# squril problem



## sadiesdad223 (May 20, 2007)

hi everyone its been a while.. i recently moved and my property seems to be over ran with squirl and it drives my sadie gril nuts... she barks and cries and even shake whiole looking at them through the slider...its getting to be really annoying when im trying to watch tv or take a nap... no matter what i do i ca=nt seem to get her interest away from them. when they are out back i put her out and she scares them off then she cries to come back in then i let her back in and the squirls return and she back to her antics... its driving me up a wall.. any suggestions on how i can get her to cam down would be wonderful...and she does get plenty of excerise but she can always muster up some more for a good squirl hunt...also i live in joppa md and was wondering if anyone knew when the next apbt show at the humnaine societyt was?


----------



## Phoenix (May 3, 2008)

correct her as SOON as she starts.

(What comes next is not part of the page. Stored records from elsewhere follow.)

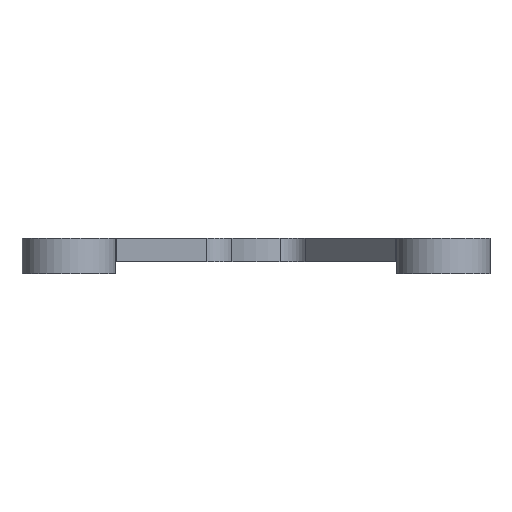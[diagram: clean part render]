
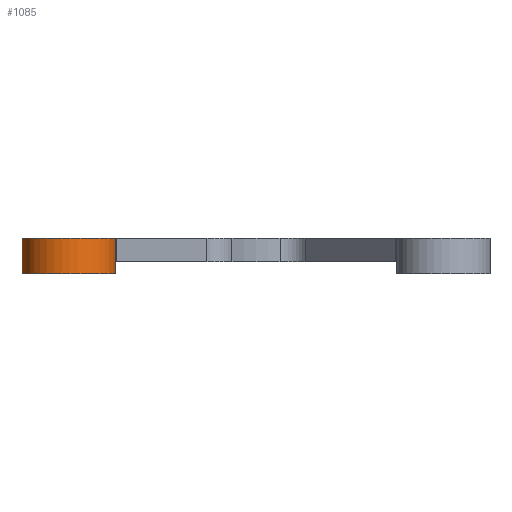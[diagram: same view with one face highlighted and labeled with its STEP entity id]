
A CAD part, front view. The second image highlights one B-rep face of the part: STEP entity #1085.
In plain terms, the highlighted cylindrical face has radius 20 mm (diameter 40 mm), a partial arc.
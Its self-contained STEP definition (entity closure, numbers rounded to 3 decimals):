
#31=CYLINDRICAL_SURFACE('',#1209,20.);
#114=FACE_OUTER_BOUND('',#186,.T.);
#186=EDGE_LOOP('',(#826,#827,#828,#829));
#272=LINE('',#1840,#337);
#273=LINE('',#1841,#338);
#337=VECTOR('',#1439,10.);
#338=VECTOR('',#1440,10.);
#389=CIRCLE('',#1161,20.);
#429=CIRCLE('',#1210,20.);
#479=VERTEX_POINT('',#1704);
#480=VERTEX_POINT('',#1705);
#525=VERTEX_POINT('',#1811);
#528=VERTEX_POINT('',#1825);
#586=EDGE_CURVE('',#479,#480,#389,.T.);
#643=EDGE_CURVE('',#480,#528,#272,.T.);
#644=EDGE_CURVE('',#525,#479,#273,.T.);
#645=EDGE_CURVE('',#528,#525,#429,.T.);
#826=ORIENTED_EDGE('',*,*,#643,.F.);
#827=ORIENTED_EDGE('',*,*,#586,.F.);
#828=ORIENTED_EDGE('',*,*,#644,.F.);
#829=ORIENTED_EDGE('',*,*,#645,.F.);
#1085=ADVANCED_FACE('',(#114),#31,.T.);
#1161=AXIS2_PLACEMENT_3D('',#1706,#1326,#1327);
#1209=AXIS2_PLACEMENT_3D('',#1839,#1437,#1438);
#1210=AXIS2_PLACEMENT_3D('',#1842,#1441,#1442);
#1326=DIRECTION('center_axis',(0.,0.,1.));
#1327=DIRECTION('ref_axis',(1.,0.,0.));
#1437=DIRECTION('center_axis',(0.,0.,-1.));
#1438=DIRECTION('ref_axis',(-0.606,-0.795,0.));
#1439=DIRECTION('',(0.,0.,-1.));
#1440=DIRECTION('',(0.,0.,1.));
#1441=DIRECTION('center_axis',(0.,0.,-1.));
#1442=DIRECTION('ref_axis',(1.,0.,0.));
#1704=CARTESIAN_POINT('',(-79.028,-85.024,0.));
#1705=CARTESIAN_POINT('',(-60.998,-98.761,0.));
#1706=CARTESIAN_POINT('Origin',(-80.,-105.,0.));
#1811=CARTESIAN_POINT('',(-79.028,-85.024,-15.));
#1825=CARTESIAN_POINT('',(-60.998,-98.761,-15.));
#1839=CARTESIAN_POINT('Origin',(-80.,-105.,0.));
#1840=CARTESIAN_POINT('',(-60.998,-98.761,0.));
#1841=CARTESIAN_POINT('',(-79.028,-85.024,0.));
#1842=CARTESIAN_POINT('Origin',(-80.,-105.,-15.));

DOnt wait to give ner a chance to stop...she wont. Dogs are not liars..lol After you correct her(make a noise like "ack"-dont yell though-firm tap on side, like you tap someone is not paying attention) redirect her into a calm behavior and reward. Remain calm,dont talk to her(awww honey its okay..)
Sounds like she needs more exercise. Give her a tiring walk twice a day. Weighted Backpacks are available to help you exercise the dog better since of course they have WAAAY more stamina than people(too bad, I could really use more stamina!)
PM me for more details if you like! Remember ,you are the leader,so as the leader,you must show her what behavior is okay and which is taboo. Have fun!


----------